*** Supplied information ***
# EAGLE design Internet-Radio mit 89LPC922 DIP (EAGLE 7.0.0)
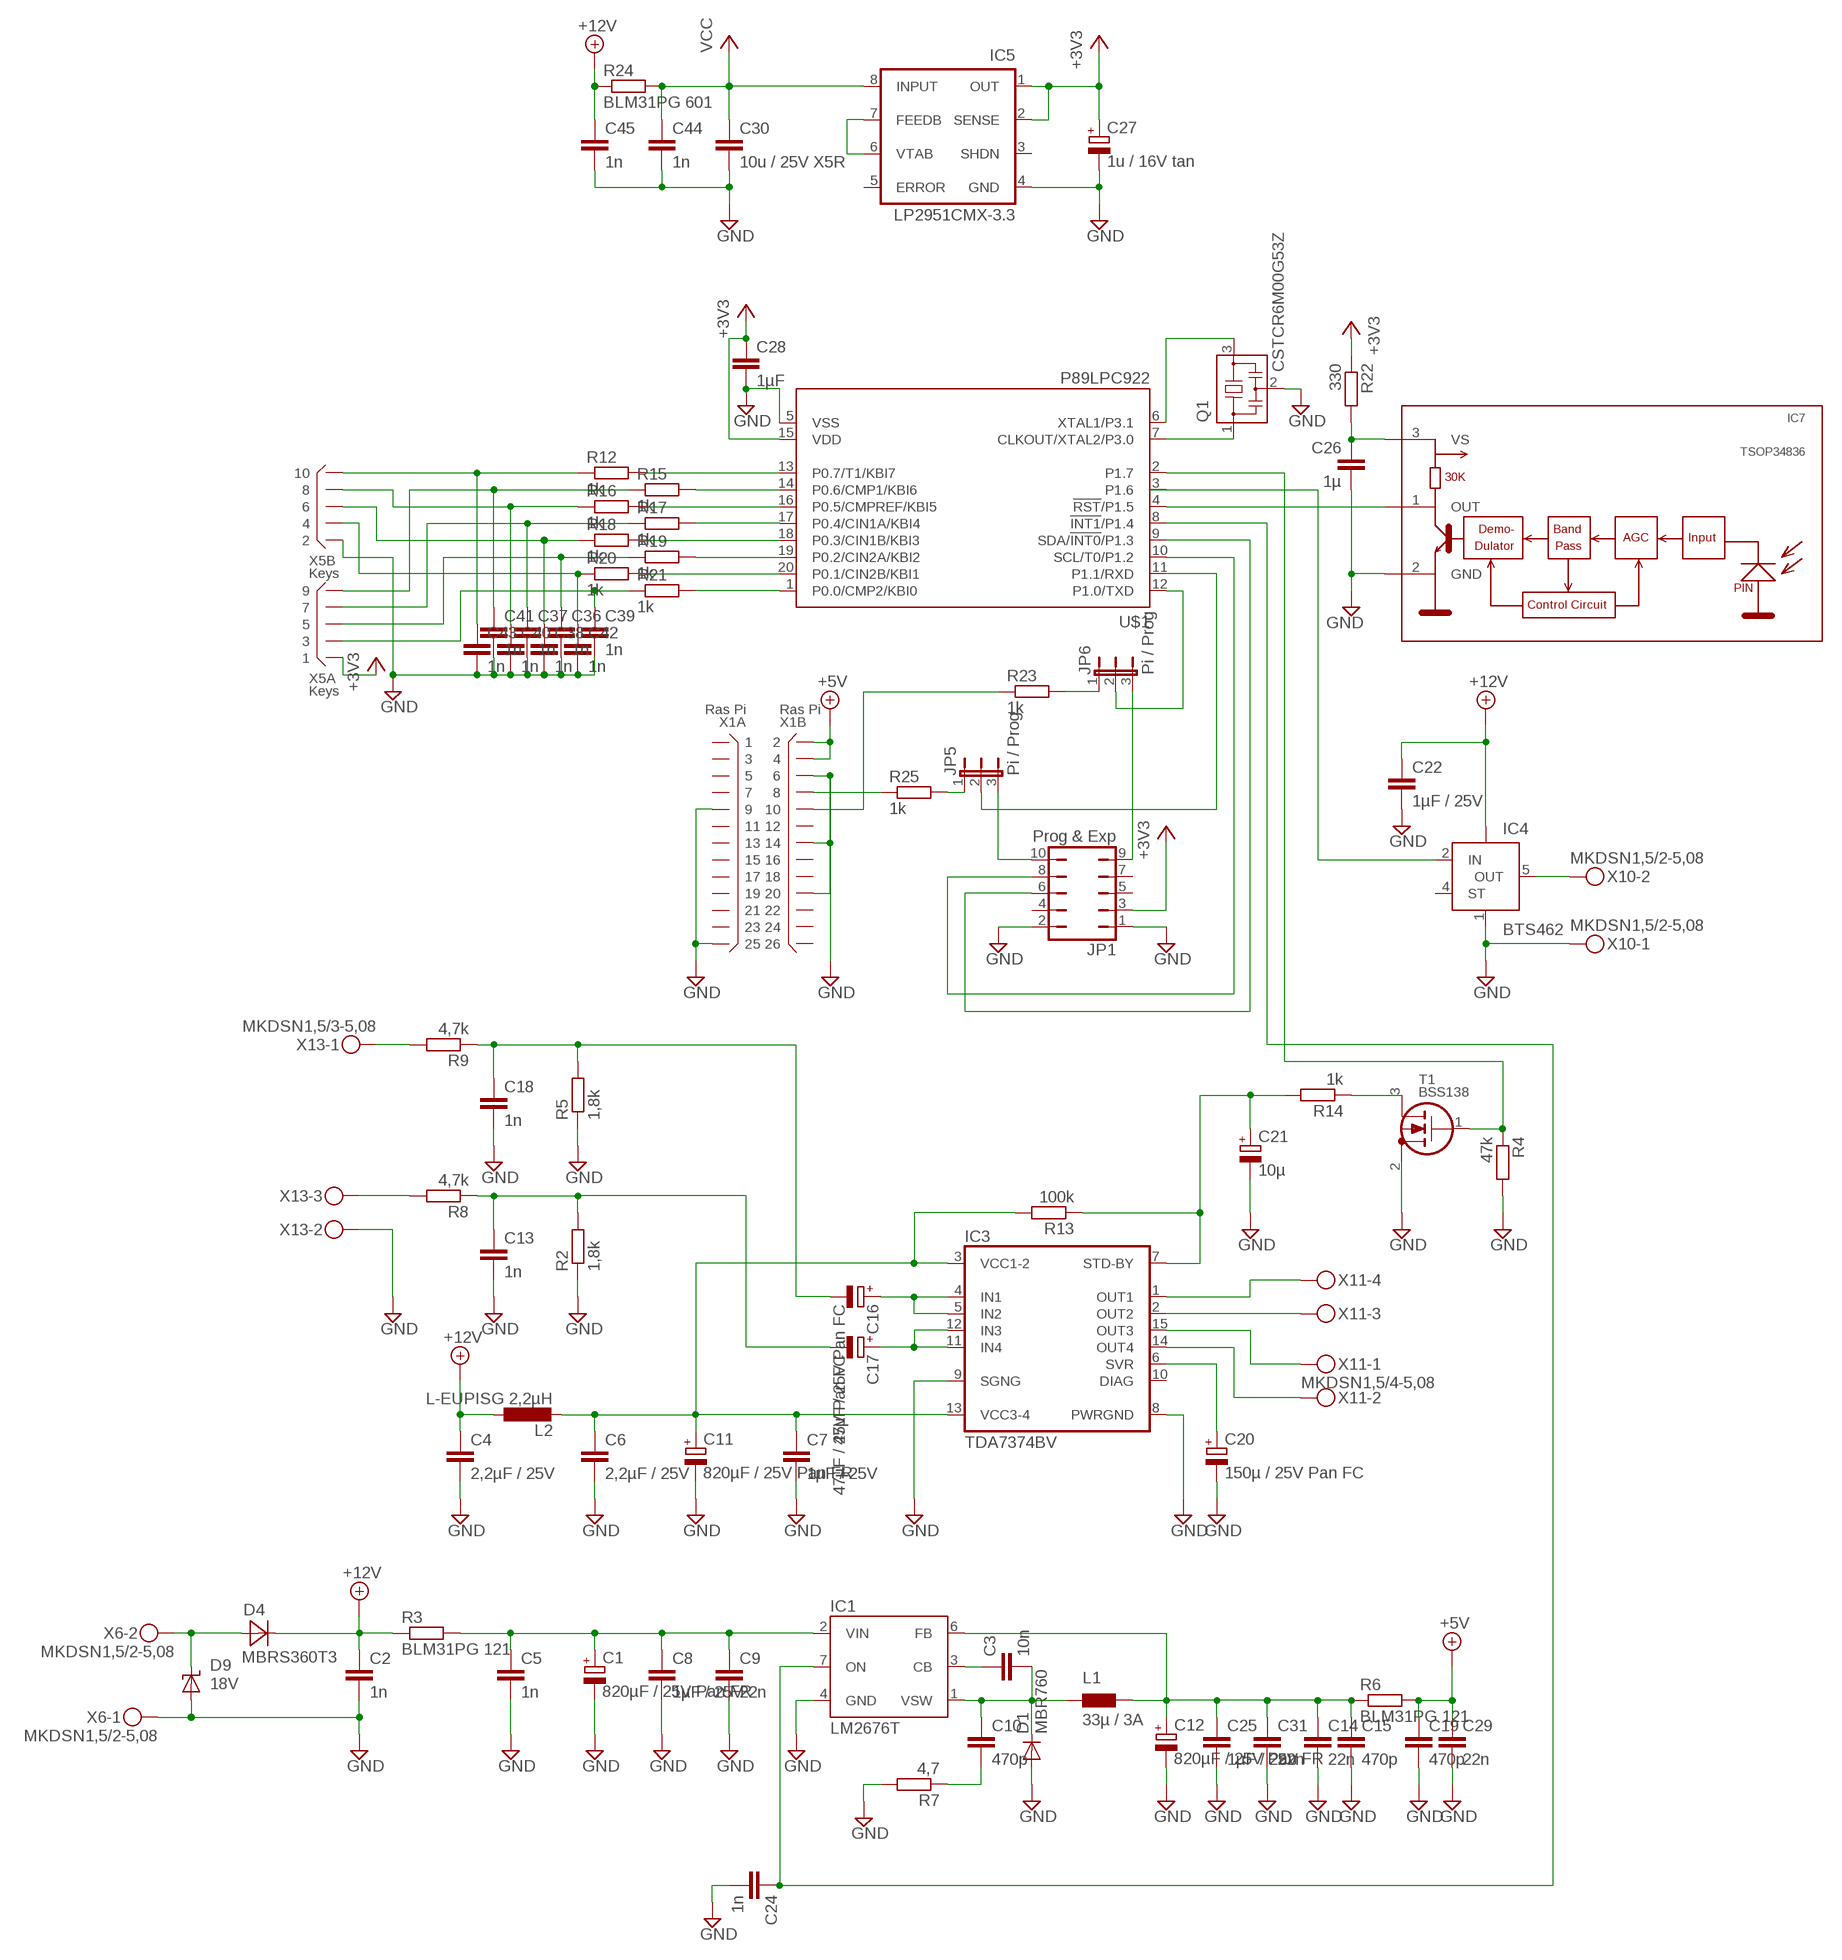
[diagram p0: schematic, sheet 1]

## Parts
C1  820µF / 25V Pan FR  CPOL-EUTT5D10  [TT5D10]
C2  1n  C-EUC0805  [C0805]
C3  10n  C-EUC0805  [C0805]
C4  2,2µF / 25V  C-EUC0805  [C0805]
C5  1n  C-EUC0805  [C0805]
C6  2,2µF / 25V  C-EUC0805  [C0805]
C7  1µF / 25V  C-EUC0805  [C0805]
C8  1µF / 25V  C-EUC0805  [C0805]
C9  22n  C-EUC0805  [C0805]
C10  470p  C-EUC0805  [C0805]
C11  820µF / 25V Pan FR  CPOL-EUTT5D10  [TT5D10]
C12  820µF / 25V Pan FR  CPOL-EUTT5D10  [TT5D10]
C13  1n  C-EUC0805  [C0805]
C14  22n  C-EUC0805  [C0805]
C15  470p  C-EUC0805  [C0805]
C16  47µF / 25V Pan FC  CPOL-EUE2.5-5  [E2,5-5]
C17  47µF / 25V Pan FC  CPOL-EUE2.5-5  [E2,5-5]
C18  1n  C-EUC0805  [C0805]
C19  470p  C-EUC0805  [C0805]
C20  150µ / 25V Pan FC  CPOL-EUE3.5-8  [E3,5-8]
C21  10µ  CPOL-EUE2.5-5  [E2,5-5]
C22  1µF / 25V  C-EUC0805  [C0805]
C24  1n  C-EUC0805  [C0805]
C25  1µF / 25V  C-EUC0805  [C0805]
C26  1µ  C-EUC0805  [C0805]
C27  1u / 16V tan  CPOL-EUCT3216  [CT3216]
C28  1µF  C-EUC0805  [C0805]
C29  22n  C-EUC0805  [C0805]
C30  10u / 25V X5R  C-EUC1206  [C1206]
C31  22n  C-EUC0805  [C0805]
C36  1n  C-EUC0603  [C0603]
C37  1n  C-EUC0603  [C0603]
C38  1n  C-EUC0603  [C0603]
C39  1n  C-EUC0603  [C0603]
C40  1n  C-EUC0603  [C0603]
C41  1n  C-EUC0603  [C0603]
C42  1n  C-EUC0603  [C0603]
C43  1n  C-EUC0603  [C0603]
C44  1n  C-EUC0805  [C0805]
C45  1n  C-EUC0805  [C0805]
D1  MBR760  DIODE-TO220V  [TO220ACS]
D4  MBRS360T3  [SMC]
D9  18V  SUPPRESSOR-SMBJ  [SMBJ]
IC1  LM2676T  [TO220-7]
IC3  TDA7374BV  [MULTIWATT-15V]
IC4  BTS462  BTS428L2  [TO252-5-11]
IC5  LP2951CMX-3.3  [SO-08]
IC7  TSOP34836  [TSOP348]
JP1  Prog & Exp  JP5Q  [JP5Q]
JP5  Pi / Prog  JP2E  [JP2]
JP6  Pi / Prog  JP2E  [JP2]
L1  33µ / 3A  PIS4728  [PIS4728]
L2  L-EUPISG 2,2µH  L-EUPISG  [PISG]
Q1  CSTCR6M00G53Z  [CSTCR6M]
R2  1,8k  R-EU_R1206  [R1206]
R3  BLM31PG 121  R-EU_R1206  [R1206]
R4  47k  R-EU_R1206  [R1206]
R5  1,8k  R-EU_R1206  [R1206]
R6  BLM31PG 121  R-EU_R1206  [R1206]
R7  4,7  R-EU_R1206  [R1206]
R8  4,7k  R-EU_R1206  [R1206]
R9  4,7k  R-EU_R1206  [R1206]
R12  1k  R-EU_R1206  [R1206]
R13  100k  R-EU_R1206  [R1206]
R14  1k  R-EU_R1206  [R1206]
R15  1k  R-EU_R1206  [R1206]
R16  1k  R-EU_R1206  [R1206]
R17  1k  R-EU_R1206  [R1206]
R18  1k  R-EU_R1206  [R1206]
R19  1k  R-EU_R1206  [R1206]
R20  1k  R-EU_R1206  [R1206]
R21  1k  R-EU_R1206  [R1206]
R22  330  R-EU_R1206  [R1206]
R23  1k  R-EU_R1206  [R1206]
R24  BLM31PG 601  R-EU_R1206  [R1206]
R25  1k  R-EU_R1206  [R1206]
T1  BSS138  [SOT23]
U$1  P89LPC922  [DIL20]
X1  Ras Pi  X13X2  [X26N-IDC]
X5  Keys  X05X2  [X10N-IDC]
X6  MKDSN1,5/2-5,08  [MKDSN1,5/2-5,08]
X10  MKDSN1,5/2-5,08  [MKDSN1,5/2-5,08]
X11  MKDSN1,5/4-5,08  [MKDSN1,5/4-5,08]
X13  MKDSN1,5/3-5,08  [MKDSN1,5/3-5,08]

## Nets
+3V3: C27.+ C28.1 IC5.1(OUT) IC5.2(SENSE) JP1.3 R22.1 U$1.15(VDD) X5.1
+5V: C19.1 C29.1 R6.2 X1.2 X1.4
+12V: C2.1 C4.1 C22.1 C45.1 D4.C IC4.TAB(VBB) L2.1 R3.1 R24.1
GND: C1.- C2.2 C4.2 C5.2 C6.2 C7.2 C8.2 C9.2 C11.- C12.- C13.2 C14.2 C15.2 C18.2 C19.2 C20.- C21.- C22.2 C24.2 C25.2 C26.2 C27.- C28.2 C29.2 C30.2 C31.2 C36.2 C37.2 C38.2 C39.2 C40.2 C41.2 C42.2 C43.2 C44.2 C45.2 D1.A D9.A IC1.4(GND) IC3.8(PWRGND) IC3.9(SGNG) IC4.1(GND) IC5.4(GND) IC7.2(GND) JP1.1 JP1.2 Q1.2 R2.1 R4.2 R5.1 R7.2 T1.2(S) U$1.5(VSS) X1.6 X1.9 X1.14 X1.20 X1.25 X5.2 X6.1 X10.1 X13.2
N$1: C1.+ C5.1 C8.1 C9.1 IC1.2(VIN) R3.2
N$2: C3.2 C10.1 D1.C IC1.1(VSW) L1.P$1
N$3: IC3.1(OUT1) X11.4
N$4: C3.1 IC1.3(CB)
N$5: IC3.2(OUT2) X11.3
N$6: IC3.15(OUT3) X11.1
N$7: IC3.14(OUT4) X11.2
N$8: C6.1 C7.1 C11.+ IC3.3(VCC1-2) IC3.13(VCC3-4) L2.2 R13.2
N$9: D4.A D9.C X6.2
N$10: C20.+ IC3.6(SVR)
N$11: JP1.10 JP5.3
N$12: C16.- C18.1 R5.2 R9.1
N$13: R9.2 X13.1
N$14: C13.1 C17.- R2.2 R8.1
N$15: C10.2 R7.1
N$16: R8.2 X13.3
N$17: C12.+ C14.1 C15.1 C25.1 C31.1 IC1.6(FB) L1.P$2 R6.1
N$18: C21.+ IC3.7(STD-BY) R13.1 R14.2
N$19: Q1.3 U$1.6(XTAL1/P3.1)
N$20: IC4.5(OUT) X10.2
N$21: Q1.1 U$1.7(CLKOUT/XTAL2/P3.0)
N$22: R21.2 U$1.1(P0.0/CMP2/KBI0)
N$23: R14.1 T1.3(D)
N$24: C16.+ IC3.4(IN1) IC3.5(IN2)
N$25: R4.1 T1.1(G) U$1.2(P1.7)
N$26: C17.+ IC3.11(IN4) IC3.12(IN3)
N$27: R19.2 U$1.19(P0.2/CIN2A/KBI2)
N$28: C24.1 IC1.7(ON) U$1.8(!INT1!/P1.4)
N$29: JP5.2 U$1.11(P1.1/RXD)
N$30: R17.2 U$1.17(P0.4/CIN1A/KBI4)
N$31: R15.2 U$1.14(P0.6/CMP1/KBI6)
N$32: R12.2 U$1.13(P0.7/T1/KBI7)
N$33: IC7.1(OUT) U$1.4(!RST!/P1.5)
N$34: R16.2 U$1.16(P0.5/CMPREF/KBI5)
N$35: R18.2 U$1.18(P0.3/CIN1B/KBI3)
N$36: R20.2 U$1.20(P0.1/CIN2B/KBI1)
N$37: JP6.2 U$1.12(P1.0/TXD)
N$38: JP1.8 U$1.10(SCL/T0/P1.2)
N$39: JP1.6 U$1.9(SDA/!INT0!/P1.3)
N$40: C26.1 IC7.3(VS) R22.2
N$41: IC5.6(VTAB) IC5.7(FEEDB)
N$42: C38.1 R18.1 X5.6
N$43: C36.1 R19.1 X5.5
N$44: C42.1 R20.1 X5.4
N$45: C39.1 R21.1 X5.3
N$46: C43.1 R12.1 X5.10
N$47: C41.1 R15.1 X5.9
N$48: C40.1 R16.1 X5.8
N$49: C37.1 R17.1 X5.7
N$51: JP5.1 R25.2
N$53: JP6.1 R23.2
N$54: R23.1 X1.10
N$55: R25.1 X1.8
N$58: IC4.2(IN) U$1.3(P1.6)
P1.0: JP1.9 JP6.3
VCC: C30.1 C44.1 IC5.8(INPUT) R24.2
Unconnected: IC3.10(DIAG) IC4.4(ST) IC5.3(SHDN) IC5.5(ERROR) JP1.4 JP1.5 JP1.7 X1.1 X1.3 X1.5 X1.7 X1.11 X1.12 X1.13 X1.15 X1.16 X1.17 X1.18 X1.19 X1.21 X1.22 X1.23 X1.24 X1.26

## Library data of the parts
C1 C11 C12 C16 C17 C20 C21 C27 = rcl:CPOL-EU: POLARIZED CAPACITOR, European symbol
C2-C10 C13-C15 C18 C19 C22 C24-C26 C28-C31 C36-C45 = rcl:C-EU: CAPACITOR, European symbol
D1 = diode:DIODE-: DIODE
D4 = diode:MBRS360T3: Surface Mount Schottky Power Rectifier
D9 = diode:SUPPRESSOR-: Suppressor diode
IC1 = v-reg-3:LM2676: National Semiconductor 3.0A "Simple Switcher"(c) 260kHz, Vout 1.2-37V, Vin 40V, 150mOhm DMOS switch, 50µA standby current
IC3 = st-tda737X:TDA7374B
IC4 = infineon:BTS428L2: Smart High-Side Power Switch One Channel: 60mOhm Status Feedback Source: Source: www.infineon.com .. BTS428L2_20030912.pdf; OC_FARNELL: unknown; OC_NEWARK: unknown
IC5 = v-reg:LP2951?*: Series of Adjustable Micropower Voltage Regulators Source: http://cache.national.com/ds/LP/LP2950.pdf
IC7 = vishay-1:TSOP348*: IR Receiver Modules for Remote Control Systems http://www.vishay.com/ir-receiver-modules/
JP1 = jumper:JP5Q: JUMPER
JP5 JP6 = jumper:JP2E: JUMPER
L1 = inductor-fastron:PIS4728: Fastron SMD Power Inductors
L2 = Inductor-Fastron (2):L-EU
Q1 = murata-filter:CSTCR: Resonator Source: murata.co.jp; MPN: CSTCR6M00G53-R0; OC_FARNELL: 1170434; OC_NEWARK: 25M8759
R2 R4 R5 R7-R9 R13 R14 R22 R23 R25 = rcl:R-EU_: RESISTOR, European symbol
R3 R6 R12 R15-R21 R24 = resistor:R-EU_: RESISTOR, European symbol
T1 = transistors:BSS138: BSS138: N-channel enhancement MOSFET (ON Semiconductor) 50V Uds, 200mA Id, 225mW Ptot, 3.5&Omega; Rdson
U$1 = 89LPC922:P89LPC922
X1 = connectors:X13X2: Connector 2x13 pins
X5 = connectors:X05X2: Connector 2x5 pins
X6 X10 = con-phoenix-508:MKDSN1,5/2-5,08: MKDSN 1,5/ 2-5,08 Printklemme; MPN: MKDSN 1,5/2-5.08; OC_FARNELL: 1792903; OC_NEWARK: 30M2397
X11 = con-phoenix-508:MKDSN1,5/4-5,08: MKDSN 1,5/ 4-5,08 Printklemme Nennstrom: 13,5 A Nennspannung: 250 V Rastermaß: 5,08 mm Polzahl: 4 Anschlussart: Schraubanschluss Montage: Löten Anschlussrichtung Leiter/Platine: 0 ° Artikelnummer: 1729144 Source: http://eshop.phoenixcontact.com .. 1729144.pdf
*** End of Supplied information ***
# Problem description
Using the data above, reproduce exactly the lines from the line that contains "L2 = Inductor-Fastron (2):L-EU" through the line that contains "U$1 = 89LPC922:P89LPC922", including both.

# Written response
L2 = Inductor-Fastron (2):L-EU
Q1 = murata-filter:CSTCR: Resonator Source: murata.co.jp; MPN: CSTCR6M00G53-R0; OC_FARNELL: 1170434; OC_NEWARK: 25M8759
R2 R4 R5 R7-R9 R13 R14 R22 R23 R25 = rcl:R-EU_: RESISTOR, European symbol
R3 R6 R12 R15-R21 R24 = resistor:R-EU_: RESISTOR, European symbol
T1 = transistors:BSS138: BSS138: N-channel enhancement MOSFET (ON Semiconductor) 50V Uds, 200mA Id, 225mW Ptot, 3.5&Omega; Rdson
U$1 = 89LPC922:P89LPC922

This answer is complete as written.